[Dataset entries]
=== Section Start ===

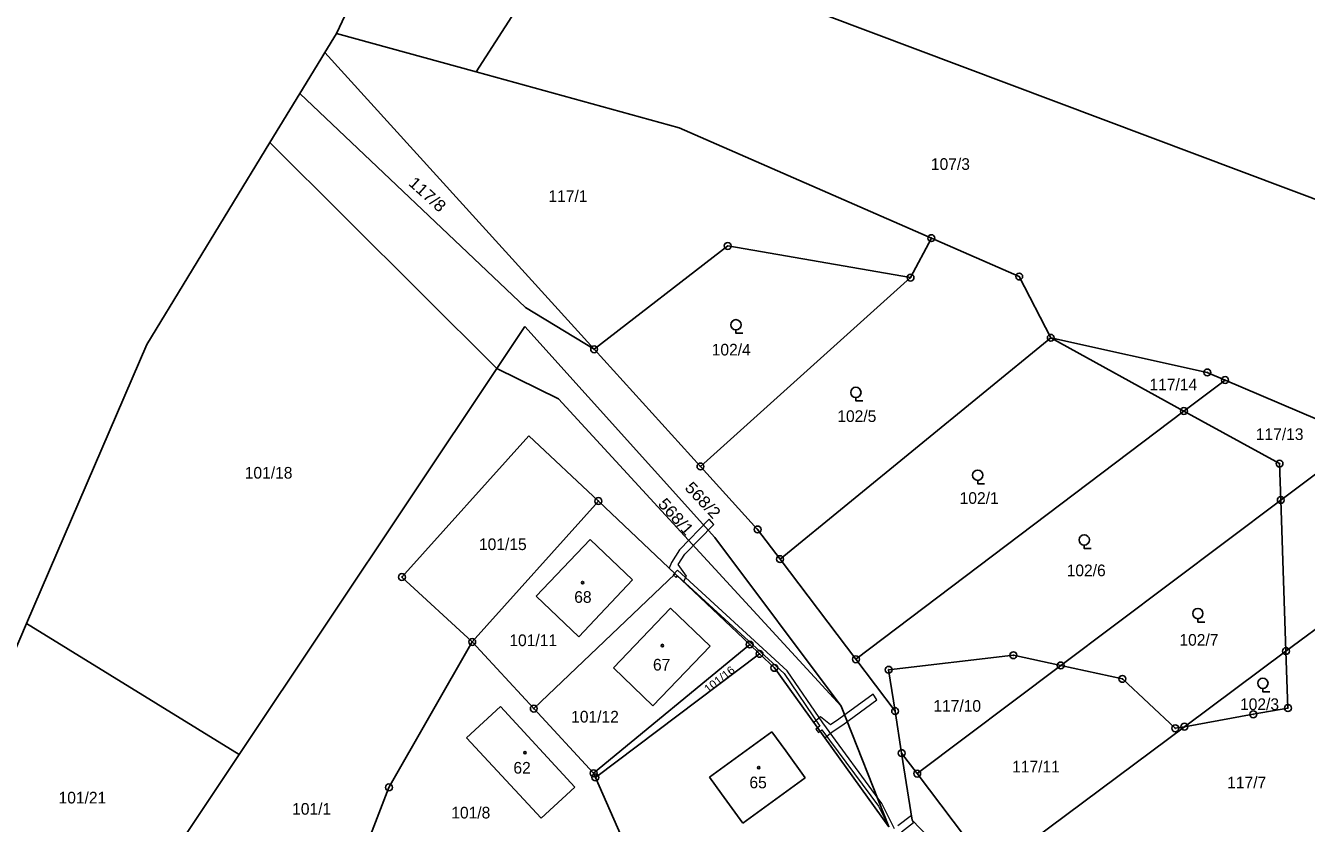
# Model space of a CAD drawing. Extents: x -664548 to -662415, y -1069720 to -1068208.
# Drawn here: x -664002.1 to -663815.4, y -1068781.7 to -1068665.4 of the extents above; entities that cross this region are included whole.
import ezdxf
from ezdxf.enums import TextEntityAlignment as Align

# ---------------------------------------------------------------- set-up
doc = ezdxf.new("R2010")
doc.units = 0
doc.header["$LTSCALE"] = 0.68
for name, color, linetype, lineweight in [('1', 7, 'Continuous', 25), ('13', 7, 'Continuous', 13), ('3', 7, 'Continuous', 25), ('5', 7, 'Continuous', 25), ('8', 7, 'Continuous', 25)]:
    doc.layers.add(name, color=color, linetype=linetype, lineweight=lineweight)
doc.layers.add('2', color=7, linetype='Continuous')

msp = doc.modelspace()

# ---------------------------------------------------------------- linework, layer by layer
at = {"layer": '1'}
for p, q in [((-663940.82, -1068632.85), (-663956.81, -1068666.54)), ((-663936.42, -1068672.14), (-663922.26, -1068650.01)), ((-663798.21, -1068696.66), (-663922.26, -1068650.01)), ((-663958.5, -1068669.31), (-663956.81, -1068666.54)), ((-663936.42, -1068672.14), (-663956.81, -1068666.54)), ((-663959.09, -1068670.28), (-663958.5, -1068669.31)), ((-663919.24, -1068712.57), (-663958.5, -1068669.31)), ((-663962.15, -1068675.29), (-663959.09, -1068670.28)), ((-663906.82, -1068680.27), (-663936.42, -1068672.14)), ((-663966.5, -1068682.41), (-663962.15, -1068675.29)), ((-663929.23, -1068706.46), (-663962.15, -1068675.29)), ((-663870.07, -1068696.36), (-663906.82, -1068680.27)), ((-663966.5, -1068682.41), (-663984.48, -1068711.88)), ((-663933.41, -1068715.36), (-663966.5, -1068682.41)), ((-663873.11, -1068702.12), (-663870.07, -1068696.36)), ((-663857.27, -1068701.96), (-663870.07, -1068696.36)), ((-663899.76, -1068697.51), (-663919.24, -1068712.57)), ((-663899.76, -1068697.51), (-663873.11, -1068702.12)), ((-663903.74, -1068729.65), (-663873.11, -1068702.12)), ((-663852.66, -1068710.89), (-663857.27, -1068701.96)), ((-663929.23, -1068706.46), (-663919.24, -1068712.57)), ((-663929.34, -1068709.23), (-663933.41, -1068715.36)), ((-663901.64, -1068740.01), (-663929.34, -1068709.23)), ((-663984.48, -1068711.88), (-664001.98, -1068752.55)), ((-663892.13, -1068743.16), (-663852.66, -1068710.89)), ((-663852.66, -1068710.89), (-663829.84, -1068715.95)), ((-663833.24, -1068721.57), (-663852.66, -1068710.89)), ((-663903.74, -1068729.65), (-663919.24, -1068712.57)), ((-663970.99, -1068771.67), (-663933.41, -1068715.36)), ((-663933.41, -1068715.36), (-663924.43, -1068719.81)), ((-663829.84, -1068715.95), (-663827.26, -1068717.05)), ((-663827.26, -1068717.05), (-663833.24, -1068721.57)), ((-663827.26, -1068717.05), (-663807.23, -1068725.61)), ((-663924.43, -1068719.81), (-663883.22, -1068764.61)), ((-663833.24, -1068721.57), (-663881.07, -1068757.77)), ((-663819.31, -1068729.24), (-663833.24, -1068721.57)), ((-663928.76, -1068725.2), (-663947.26, -1068745.77)), ((-663918.62, -1068734.69), (-663928.76, -1068725.2)), ((-663807.23, -1068725.61), (-663819.13, -1068734.55)), ((-663895.4, -1068738.84), (-663903.74, -1068729.65)), ((-663819.31, -1068729.24), (-663819.13, -1068734.55)), ((-663937.02, -1068755.24), (-663918.62, -1068734.69)), ((-663907.41, -1068745.32), (-663918.62, -1068734.69)), ((-663819.13, -1068734.55), (-663851.21, -1068758.67)), ((-663819.13, -1068734.55), (-663818.37, -1068756.58)), ((-663927.68, -1068748.58), (-663919.81, -1068740.3)), ((-663919.81, -1068740.3), (-663913.64, -1068746.17)), ((-663883.22, -1068764.61), (-663901.64, -1068740.01)), ((-663892.13, -1068743.16), (-663895.4, -1068738.84)), ((-663881.07, -1068757.77), (-663892.13, -1068743.16)), ((-663947.26, -1068745.77), (-663937.02, -1068755.24)), ((-663907.41, -1068745.32), (-663928.04, -1068764.96)), ((-663907.41, -1068745.32), (-663896.56, -1068755.61)), ((-663802.07, -1068744.46), (-663818.37, -1068756.58)), ((-663913.64, -1068746.17), (-663921.48, -1068754.47)), ((-663921.48, -1068754.47), (-663927.68, -1068748.58)), ((-663908.1, -1068750.33), (-663916.43, -1068759.03)), ((-663902.32, -1068755.85), (-663908.1, -1068750.33)), ((-664001.98, -1068752.55), (-664010.86, -1068773.2)), ((-663970.99, -1068771.67), (-664001.98, -1068752.55)), ((-663949.15, -1068776.44), (-663937.02, -1068755.24)), ((-663937.02, -1068755.24), (-663928.04, -1068764.96)), ((-663896.56, -1068755.61), (-663919.32, -1068774.39)), ((-663919.06, -1068774.98), (-663895.12, -1068756.98)), ((-663910.66, -1068764.55), (-663902.32, -1068755.85)), ((-663896.56, -1068755.61), (-663895.12, -1068756.98)), ((-663895.12, -1068756.98), (-663892.96, -1068759.02)), ((-663818.37, -1068756.58), (-663833.18, -1068767.59)), ((-663818.37, -1068756.58), (-663818.08, -1068764.88)), ((-663875.36, -1068765.32), (-663881.07, -1068757.77)), ((-663876.3, -1068759.3), (-663858.11, -1068757.17)), ((-663851.21, -1068758.67), (-663872.14, -1068774.44)), ((-663851.21, -1068758.67), (-663858.11, -1068757.17)), ((-663842.22, -1068760.62), (-663851.21, -1068758.67)), ((-663916.43, -1068759.03), (-663910.66, -1068764.55)), ((-663876.25, -1068782.21), (-663892.96, -1068759.02)), ((-663876.3, -1068759.3), (-663875.36, -1068765.32)), ((-663842.22, -1068760.62), (-663834.51, -1068767.83)), ((-663937.83, -1068769.2), (-663932.89, -1068764.66)), ((-663932.89, -1068764.66), (-663922.06, -1068776.4)), ((-663928.04, -1068764.96), (-663919.32, -1068774.39)), ((-663883.22, -1068764.61), (-663876.25, -1068782.21)), ((-663874.41, -1068771.45), (-663875.36, -1068765.32)), ((-663823.14, -1068765.79), (-663833.18, -1068767.59)), ((-663823.14, -1068765.79), (-663818.08, -1068764.88)), ((-663902.43, -1068774.95), (-663893.35, -1068768.33)), ((-663893.35, -1068768.33), (-663891.31, -1068771.12)), ((-663833.18, -1068767.59), (-663861.38, -1068788.6)), ((-663833.18, -1068767.59), (-663834.51, -1068767.83)), ((-663926.94, -1068780.94), (-663937.83, -1068769.2)), ((-663980.88, -1068786.48), (-663970.99, -1068771.67)), ((-663888.45, -1068775.05), (-663891.31, -1068771.12)), ((-663872.89, -1068781.23), (-663874.41, -1068771.45)), ((-663872.14, -1068774.44), (-663874.41, -1068771.45)), ((-663919.32, -1068774.39), (-663919.06, -1068774.98)), ((-663912.63, -1068789.6), (-663919.06, -1068774.98)), ((-663900.68, -1068777.36), (-663902.43, -1068774.95)), ((-663897.54, -1068781.67), (-663888.45, -1068775.05)), ((-663861.38, -1068788.6), (-663872.14, -1068774.44)), ((-663954.1, -1068789.23), (-663949.15, -1068776.44)), ((-663922.06, -1068776.4), (-663926.94, -1068780.94)), ((-663900.68, -1068777.36), (-663897.54, -1068781.67)), ((-663872.89, -1068781.23), (-663862.1, -1068792.34))]:
    msp.add_line(p, q, dxfattribs=at)
at = {"layer": '13'}
for points in [[(-663907.95, -1068743.65), (-663908.31, -1068744.47), (-663907.41, -1068745.32), (-663906.22, -1068746.45), (-663905.77, -1068745.65), (-663906.97, -1068743.97), (-663906, -1068742.43), (-663901.81, -1068738.1), (-663902.49, -1068737.36), (-663906.78, -1068741.82)], [(-663886.24, -1068766.15), (-663887.21, -1068766.99), (-663886.53, -1068767.94), (-663885.61, -1068769.22), (-663884.52, -1068768.35), (-663882.97, -1068767.32), (-663878.01, -1068763.66), (-663878.58, -1068762.85), (-663883.56, -1068766.5), (-663884.79, -1068767.33)]]:
    msp.add_lwpolyline(points, close=True, dxfattribs=at)
for points in [[(-663875.44, -1068782.47), (-663877.3, -1068778.81), (-663885.91, -1068767.04), (-663891.08, -1068759.46), (-663907.11, -1068744.77), (-663907.73, -1068745.43), (-663907.3, -1068745.84), (-663907.09, -1068745.62), (-663891.53, -1068759.86), (-663886.32, -1068767.51), (-663886.9, -1068767.94), (-663886.55, -1068768.43), (-663886.04, -1068768.05), (-663877.8, -1068779.16), (-663876.25, -1068782.21)], [(-663874.43, -1068782.9), (-663872.66, -1068781.56), (-663872.89, -1068781.23), (-663872.99, -1068780.56), (-663874.98, -1068782.06)]]:
    msp.add_lwpolyline(points, dxfattribs=at)
at = {"layer": '3'}
for points in [[(-663898.56, -1068709.742), (-663898.56, -1068710.24), (-663897.559, -1068710.24)], [(-663881.08, -1068719.602), (-663881.08, -1068720.1), (-663880.079, -1068720.1)], [(-663863.32, -1068731.682), (-663863.32, -1068732.18), (-663862.319, -1068732.18)], [(-663847.78, -1068741.122), (-663847.78, -1068741.62), (-663846.779, -1068741.62)], [(-663831.22, -1068751.852), (-663831.22, -1068752.35), (-663830.219, -1068752.35)], [(-663821.74, -1068762.022), (-663821.74, -1068762.52), (-663820.739, -1068762.52)]]:
    msp.add_lwpolyline(points, dxfattribs=at)
for centre in [(-663898.5593, -1068708.9909), (-663881.0793, -1068718.8509), (-663863.3193, -1068730.9309), (-663847.7793, -1068740.3709), (-663831.2193, -1068751.1009), (-663821.7393, -1068761.2709)]:
    msp.add_circle(centre, 0.75, dxfattribs=at)
at = {"layer": '5'}
for centre in [(-663920.9268, -1068746.5892), (-663909.2868, -1068755.7592), (-663929.3268, -1068771.3892), (-663895.2368, -1068773.5692)]:
    msp.add_circle(centre, 0.175, dxfattribs=at)
at = {"layer": '8'}
for centre, radius in [((-663899.7599, -1068697.5099), 0.5), ((-663870.0699, -1068696.3599), 0.5), ((-663870.0699, -1068696.3599), 0.0303), ((-663899.7599, -1068697.5099), 0.0303), ((-663873.1099, -1068702.1199), 0.5), ((-663873.1099, -1068702.1199), 0.0303), ((-663857.2699, -1068701.9599), 0.5), ((-663857.2699, -1068701.9599), 0.0303), ((-663852.6599, -1068710.8899), 0.5), ((-663919.2399, -1068712.5699), 0.5), ((-663852.6599, -1068710.8899), 0.0303), ((-663919.2399, -1068712.5699), 0.0303), ((-663829.8399, -1068715.9499), 0.5), ((-663829.8399, -1068715.9499), 0.0303), ((-663827.2599, -1068717.0499), 0.5), ((-663827.2599, -1068717.0499), 0.0303), ((-663833.2399, -1068721.5699), 0.5), ((-663833.2399, -1068721.5699), 0.0303), ((-663819.3099, -1068729.2399), 0.5), ((-663903.7399, -1068729.6499), 0.5), ((-663903.7399, -1068729.6499), 0.0303), ((-663819.3099, -1068729.2399), 0.0303), ((-663918.62, -1068734.6899), 0.5), ((-663918.62, -1068734.6899), 0.0303), ((-663819.1299, -1068734.5499), 0.5), ((-663819.1299, -1068734.5499), 0.0303), ((-663895.4, -1068738.8399), 0.5), ((-663895.4, -1068738.8399), 0.0303), ((-663892.1299, -1068743.1599), 0.5), ((-663892.1299, -1068743.1599), 0.0303), ((-663947.26, -1068745.7699), 0.5), ((-663947.26, -1068745.7699), 0.0303), ((-663937.02, -1068755.2399), 0.5), ((-663937.02, -1068755.2399), 0.0303), ((-663896.56, -1068755.6099), 0.5), ((-663896.56, -1068755.6099), 0.0303), ((-663895.12, -1068756.9799), 0.5), ((-663895.12, -1068756.9799), 0.0303), ((-663858.1099, -1068757.1699), 0.5), ((-663818.3699, -1068756.5799), 0.5), ((-663818.3699, -1068756.5799), 0.0303), ((-663892.96, -1068759.0199), 0.5), ((-663892.96, -1068759.0199), 0.0303), ((-663881.0699, -1068757.7699), 0.5), ((-663881.0699, -1068757.7699), 0.0303), ((-663876.2999, -1068759.2999), 0.5), ((-663858.1099, -1068757.1699), 0.0303), ((-663851.2099, -1068758.6699), 0.5), ((-663851.2099, -1068758.6699), 0.0303), ((-663876.2999, -1068759.2999), 0.0303), ((-663842.2199, -1068760.6199), 0.5), ((-663842.2199, -1068760.6199), 0.0303), ((-663928.04, -1068764.9599), 0.5), ((-663818.0799, -1068764.8799), 0.5), ((-663928.04, -1068764.9599), 0.0303), ((-663875.3599, -1068765.3199), 0.5), ((-663875.3599, -1068765.3199), 0.0303), ((-663823.1399, -1068765.7899), 0.5), ((-663823.1399, -1068765.7899), 0.0303), ((-663818.0799, -1068764.8799), 0.0303), ((-663834.5099, -1068767.8299), 0.5), ((-663834.5099, -1068767.8299), 0.0303), ((-663833.1799, -1068767.5899), 0.5), ((-663833.1799, -1068767.5899), 0.0303), ((-663874.41, -1068771.4499), 0.5), ((-663874.41, -1068771.4499), 0.0303), ((-663919.32, -1068774.3899), 0.5), ((-663872.1399, -1068774.4399), 0.5), ((-663919.06, -1068774.9799), 0.5), ((-663919.32, -1068774.3899), 0.0303), ((-663919.06, -1068774.9799), 0.0303), ((-663872.1399, -1068774.4399), 0.0303), ((-663949.15, -1068776.4399), 0.5), ((-663949.15, -1068776.4399), 0.0303)]:
    msp.add_circle(centre, radius, dxfattribs=at)

# ---------------------------------------------------------------- texts
at = {"layer": '2'}
for s, p in [('107/3', (-663870.14, -1068686.415)), ('117/1', (-663925.9, -1068691.084)), ('101/18', (-663970.18, -1068731.425)), ('102/1', (-663865.95, -1068735.104)), ('101/15', (-663936.03, -1068741.844)), ('68', (-663922.14, -1068749.535)), ('101/11', (-663931.6, -1068755.844)), ('67', (-663910.66, -1068759.405)), ('102/3', (-663825.07, -1068765.165)), ('101/12', (-663922.59, -1068766.985)), ('62', (-663931.01, -1068774.435)), ('65', (-663896.6, -1068776.574)), ('117/7', (-663826.94, -1068776.574)), ('101/1', (-663963.27, -1068780.425)), ('101/8', (-663940.07, -1068780.975))]:
    msp.add_text(s, height=1.7, dxfattribs=at).set_placement(p)
at = {"layer": '2', "width": 1.1}
for s, height, rotation, p in [('117/8', 1.7, 318, (-663946.434, -1068688.515)), ('568/1', 1.7, 312, (-663910.035, -1068735.204)), ('101/16', 1.14, 38, (-663902.654, -1068762.704))]:
    msp.add_text(s, height=height, rotation=rotation, dxfattribs=at).set_placement(p)
at = {"layer": '2'}
for s, p in [('102/4', (-663899.25, -1068713.475)), ('117/14', (-663834.8, -1068718.564)), ('102/5', (-663880.94, -1068723.165)), ('117/13', (-663819.29, -1068725.795)), ('102/6', (-663847.5, -1068745.655)), ('102/7', (-663831.06, -1068755.785)), ('117/10', (-663866.31, -1068765.415)), ('117/11', (-663854.82, -1068774.265)), ('101/21', (-663993.85, -1068778.785))]:
    msp.add_text(s, height=1.7, dxfattribs=at).set_placement(p, align=Align.CENTER)
at = {"layer": '2', "width": 1.1}
msp.add_text('568/2', height=1.7, rotation=313, dxfattribs=at).set_placement((-663904.0056, -1068735.1443), align=Align.CENTER)

doc.saveas('drawing.dxf')

=== Section End ===

◆ **Task instructions**
After dropping the pictures, reproduce exactly the lines from the first line of the entries through the line containing "import ezdxf", both included.

◆ **Expected answer**
# Model space of a CAD drawing. Extents: x -664548 to -662415, y -1069720 to -1068208.
# Drawn here: x -664002.1 to -663815.4, y -1068781.7 to -1068665.4 of the extents above; entities that cross this region are included whole.
import ezdxf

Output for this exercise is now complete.